*** Opening of TASK INPUT ***
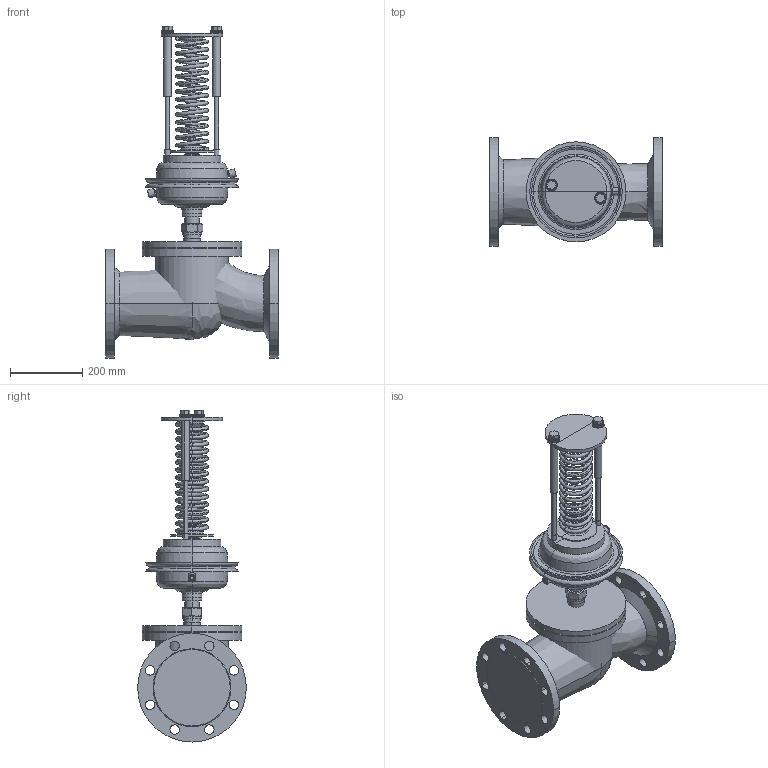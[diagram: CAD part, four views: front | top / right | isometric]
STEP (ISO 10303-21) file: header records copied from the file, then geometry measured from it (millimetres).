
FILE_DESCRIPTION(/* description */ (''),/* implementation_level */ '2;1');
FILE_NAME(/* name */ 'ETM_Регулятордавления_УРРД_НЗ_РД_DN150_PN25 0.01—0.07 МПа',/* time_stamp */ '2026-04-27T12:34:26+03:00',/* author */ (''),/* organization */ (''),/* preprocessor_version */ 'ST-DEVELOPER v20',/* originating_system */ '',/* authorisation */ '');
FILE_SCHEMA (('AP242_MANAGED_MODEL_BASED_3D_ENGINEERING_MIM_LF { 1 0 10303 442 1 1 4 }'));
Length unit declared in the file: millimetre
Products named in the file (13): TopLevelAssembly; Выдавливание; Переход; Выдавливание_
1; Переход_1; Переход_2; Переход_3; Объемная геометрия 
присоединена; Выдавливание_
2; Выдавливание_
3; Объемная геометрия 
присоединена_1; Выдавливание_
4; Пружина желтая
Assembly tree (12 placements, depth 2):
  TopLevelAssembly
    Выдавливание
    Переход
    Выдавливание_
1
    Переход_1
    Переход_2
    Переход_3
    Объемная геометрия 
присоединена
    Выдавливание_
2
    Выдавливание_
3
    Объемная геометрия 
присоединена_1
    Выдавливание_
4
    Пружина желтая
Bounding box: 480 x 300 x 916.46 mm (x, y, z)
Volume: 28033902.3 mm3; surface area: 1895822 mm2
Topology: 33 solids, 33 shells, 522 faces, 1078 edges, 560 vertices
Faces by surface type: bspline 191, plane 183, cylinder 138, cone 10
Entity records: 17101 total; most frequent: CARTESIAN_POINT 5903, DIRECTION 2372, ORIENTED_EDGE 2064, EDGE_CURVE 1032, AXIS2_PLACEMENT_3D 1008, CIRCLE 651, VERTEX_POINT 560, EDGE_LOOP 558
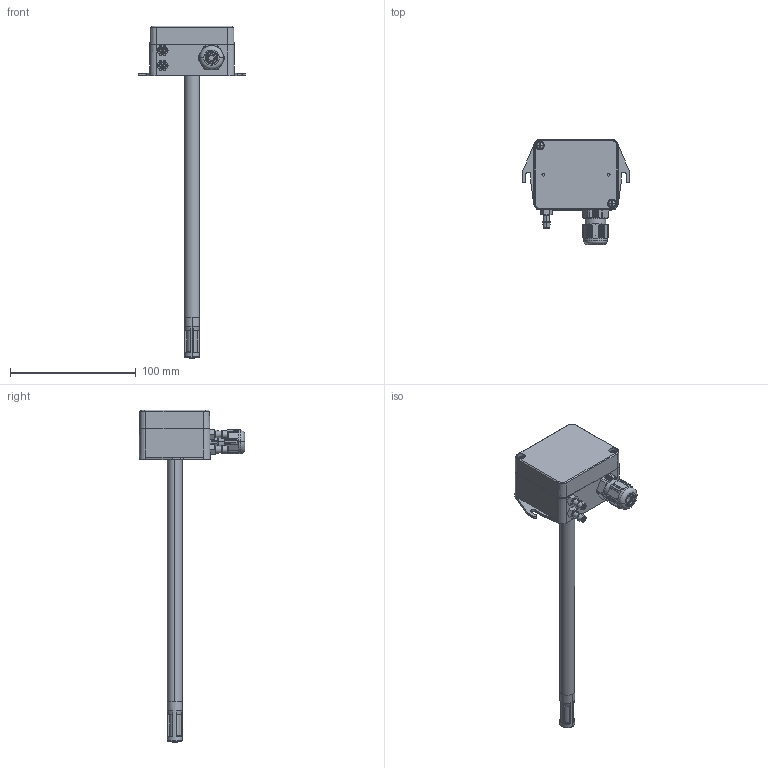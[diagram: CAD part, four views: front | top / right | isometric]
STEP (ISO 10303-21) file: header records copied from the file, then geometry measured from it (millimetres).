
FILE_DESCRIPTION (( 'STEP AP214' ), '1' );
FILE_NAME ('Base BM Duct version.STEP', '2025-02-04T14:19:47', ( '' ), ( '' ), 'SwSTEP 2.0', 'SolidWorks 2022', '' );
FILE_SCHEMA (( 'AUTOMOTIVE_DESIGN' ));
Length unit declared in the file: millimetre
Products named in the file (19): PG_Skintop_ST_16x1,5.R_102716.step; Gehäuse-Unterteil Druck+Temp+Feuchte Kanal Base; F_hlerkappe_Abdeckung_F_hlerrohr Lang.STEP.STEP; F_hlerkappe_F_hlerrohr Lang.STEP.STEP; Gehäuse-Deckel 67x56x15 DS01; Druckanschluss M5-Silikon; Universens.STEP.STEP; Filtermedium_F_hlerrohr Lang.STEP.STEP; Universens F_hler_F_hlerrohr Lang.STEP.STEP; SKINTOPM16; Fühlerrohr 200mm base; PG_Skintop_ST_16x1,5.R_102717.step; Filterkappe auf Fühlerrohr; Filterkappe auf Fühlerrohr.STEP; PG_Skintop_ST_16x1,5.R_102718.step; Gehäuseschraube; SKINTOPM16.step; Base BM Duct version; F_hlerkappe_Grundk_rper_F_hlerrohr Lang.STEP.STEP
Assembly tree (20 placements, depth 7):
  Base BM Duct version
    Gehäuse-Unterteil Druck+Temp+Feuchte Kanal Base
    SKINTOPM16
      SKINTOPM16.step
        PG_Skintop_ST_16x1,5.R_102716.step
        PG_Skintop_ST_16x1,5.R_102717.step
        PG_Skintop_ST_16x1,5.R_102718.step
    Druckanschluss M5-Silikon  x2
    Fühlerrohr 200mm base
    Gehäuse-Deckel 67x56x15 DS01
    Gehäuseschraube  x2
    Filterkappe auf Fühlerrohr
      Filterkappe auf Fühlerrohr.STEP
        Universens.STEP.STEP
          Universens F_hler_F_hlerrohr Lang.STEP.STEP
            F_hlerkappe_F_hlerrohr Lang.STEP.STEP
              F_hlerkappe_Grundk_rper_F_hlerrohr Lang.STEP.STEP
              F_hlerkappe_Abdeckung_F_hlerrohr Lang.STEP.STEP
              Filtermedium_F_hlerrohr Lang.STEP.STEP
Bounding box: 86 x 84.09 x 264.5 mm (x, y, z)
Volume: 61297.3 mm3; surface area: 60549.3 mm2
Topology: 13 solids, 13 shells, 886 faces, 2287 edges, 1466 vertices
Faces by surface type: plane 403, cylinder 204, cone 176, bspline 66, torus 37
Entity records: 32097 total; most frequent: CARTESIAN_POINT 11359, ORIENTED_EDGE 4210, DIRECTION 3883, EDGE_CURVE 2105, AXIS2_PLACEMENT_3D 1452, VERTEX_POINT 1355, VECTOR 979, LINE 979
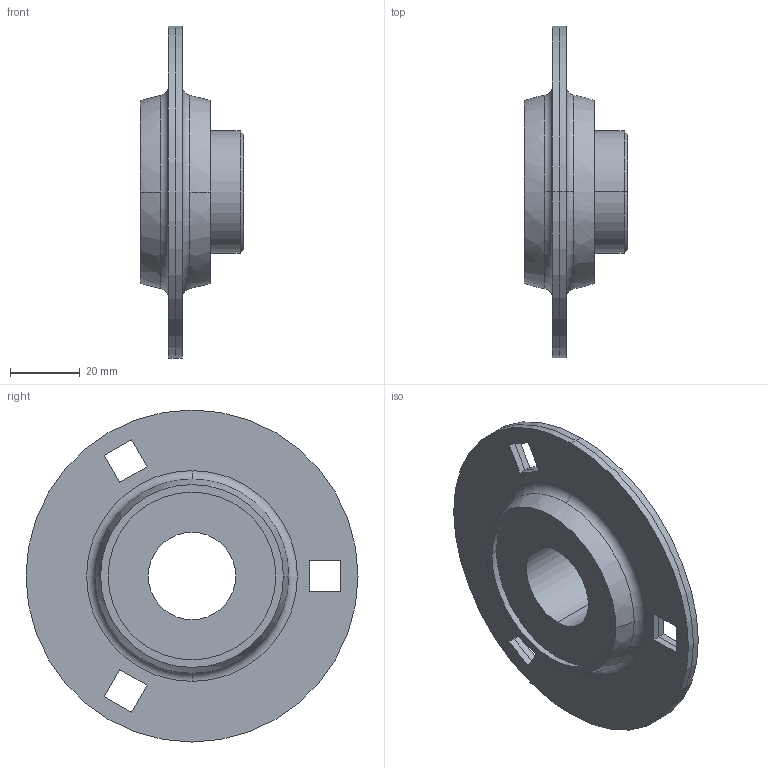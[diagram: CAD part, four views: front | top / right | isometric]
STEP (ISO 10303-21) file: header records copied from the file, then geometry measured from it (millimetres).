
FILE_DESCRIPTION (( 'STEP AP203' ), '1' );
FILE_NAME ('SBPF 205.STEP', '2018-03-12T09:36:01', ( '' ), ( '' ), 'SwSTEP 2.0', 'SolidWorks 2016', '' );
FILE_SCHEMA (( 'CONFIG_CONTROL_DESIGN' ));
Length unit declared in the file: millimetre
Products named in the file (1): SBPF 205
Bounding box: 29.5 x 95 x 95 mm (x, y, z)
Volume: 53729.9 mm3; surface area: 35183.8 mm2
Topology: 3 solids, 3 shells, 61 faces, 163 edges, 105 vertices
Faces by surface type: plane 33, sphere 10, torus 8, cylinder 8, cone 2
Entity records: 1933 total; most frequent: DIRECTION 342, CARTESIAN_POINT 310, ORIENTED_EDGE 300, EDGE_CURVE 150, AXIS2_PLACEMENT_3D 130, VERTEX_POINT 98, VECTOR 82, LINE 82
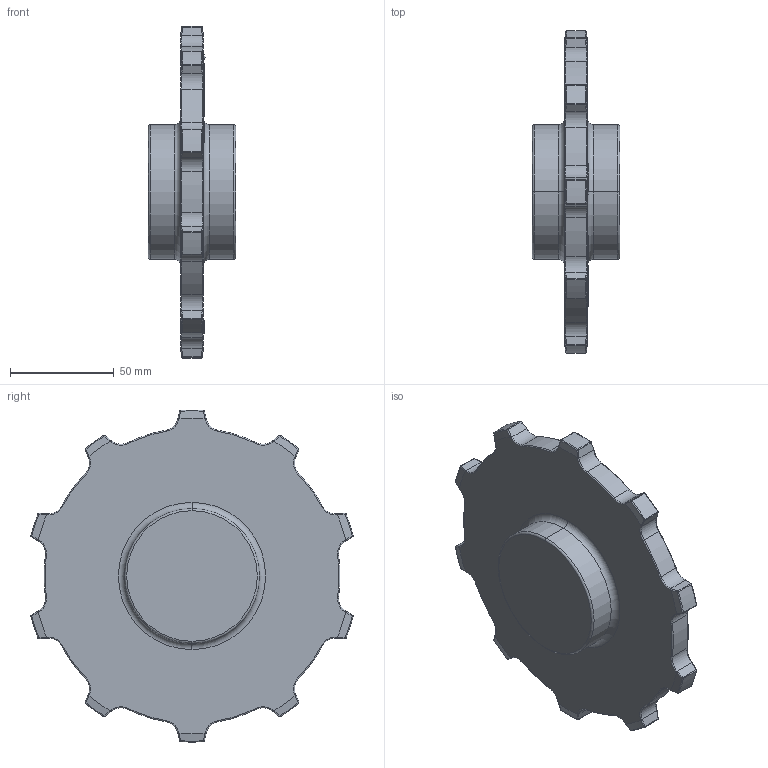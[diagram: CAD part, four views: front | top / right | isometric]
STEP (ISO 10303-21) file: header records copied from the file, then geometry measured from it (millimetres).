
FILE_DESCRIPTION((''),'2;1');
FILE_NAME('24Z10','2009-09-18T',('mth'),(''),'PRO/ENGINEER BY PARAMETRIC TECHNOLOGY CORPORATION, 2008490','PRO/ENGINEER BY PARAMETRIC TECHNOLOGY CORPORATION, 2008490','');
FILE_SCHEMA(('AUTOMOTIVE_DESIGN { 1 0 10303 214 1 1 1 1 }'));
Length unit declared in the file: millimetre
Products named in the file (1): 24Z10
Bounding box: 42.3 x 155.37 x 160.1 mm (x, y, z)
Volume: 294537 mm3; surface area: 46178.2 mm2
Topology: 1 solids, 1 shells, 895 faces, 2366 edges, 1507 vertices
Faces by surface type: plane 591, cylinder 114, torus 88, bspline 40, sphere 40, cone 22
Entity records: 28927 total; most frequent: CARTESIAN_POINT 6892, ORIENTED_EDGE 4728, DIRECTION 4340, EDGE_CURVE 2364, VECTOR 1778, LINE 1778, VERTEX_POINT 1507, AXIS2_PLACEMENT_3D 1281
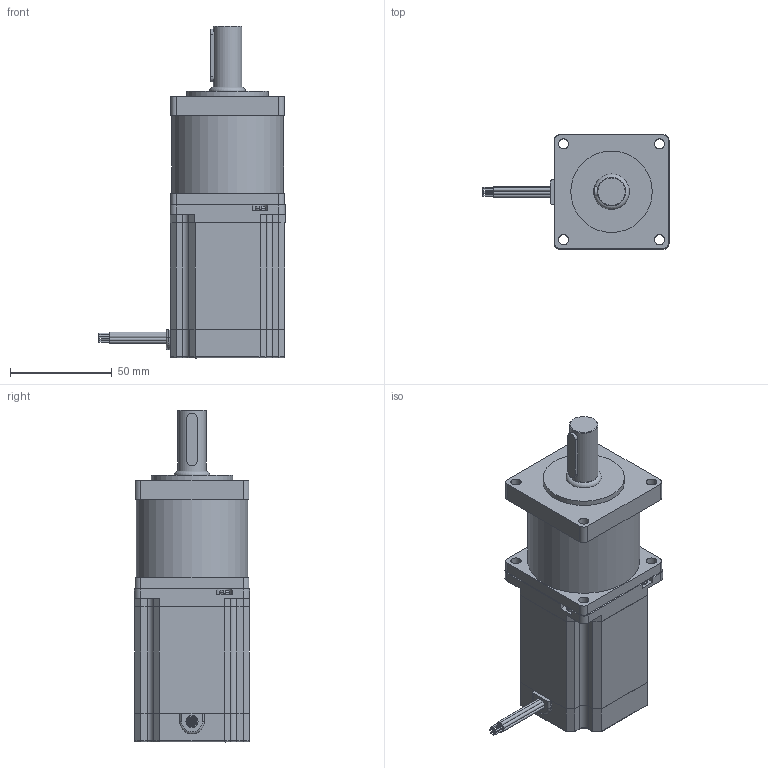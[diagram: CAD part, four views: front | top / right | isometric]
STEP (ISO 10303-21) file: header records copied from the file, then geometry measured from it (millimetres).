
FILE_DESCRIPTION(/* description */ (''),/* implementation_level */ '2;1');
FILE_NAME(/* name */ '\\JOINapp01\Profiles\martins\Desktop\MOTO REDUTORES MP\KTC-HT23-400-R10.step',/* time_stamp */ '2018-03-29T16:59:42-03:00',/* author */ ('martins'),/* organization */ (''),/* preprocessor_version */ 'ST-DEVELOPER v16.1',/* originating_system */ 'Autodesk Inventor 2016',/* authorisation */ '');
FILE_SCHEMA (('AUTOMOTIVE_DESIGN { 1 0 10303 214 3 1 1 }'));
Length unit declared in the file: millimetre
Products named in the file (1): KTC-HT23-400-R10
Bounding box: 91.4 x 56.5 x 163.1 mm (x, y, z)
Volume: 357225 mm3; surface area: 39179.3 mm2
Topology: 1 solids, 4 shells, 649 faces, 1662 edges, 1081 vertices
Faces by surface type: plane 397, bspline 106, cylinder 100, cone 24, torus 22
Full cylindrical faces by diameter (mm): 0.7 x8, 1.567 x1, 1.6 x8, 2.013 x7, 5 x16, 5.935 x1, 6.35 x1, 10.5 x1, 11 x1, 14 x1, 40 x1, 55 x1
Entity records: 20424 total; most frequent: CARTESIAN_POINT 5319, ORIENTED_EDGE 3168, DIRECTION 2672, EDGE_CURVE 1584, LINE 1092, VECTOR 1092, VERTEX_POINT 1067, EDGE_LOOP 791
*** Close of TASK INPUT ***
### [THE PROBLEM]
Each line of the data that has the string "plane" should be returned.

### [ANSWER BOX]
Faces by surface type: bspline 191, plane 183, cylinder 138, cone 10
Faces by surface type: plane 403, cylinder 204, cone 176, bspline 66, torus 37
Faces by surface type: plane 33, sphere 10, torus 8, cylinder 8, cone 2
Faces by surface type: plane 591, cylinder 114, torus 88, bspline 40, sphere 40, cone 22
Faces by surface type: plane 397, bspline 106, cylinder 100, cone 24, torus 22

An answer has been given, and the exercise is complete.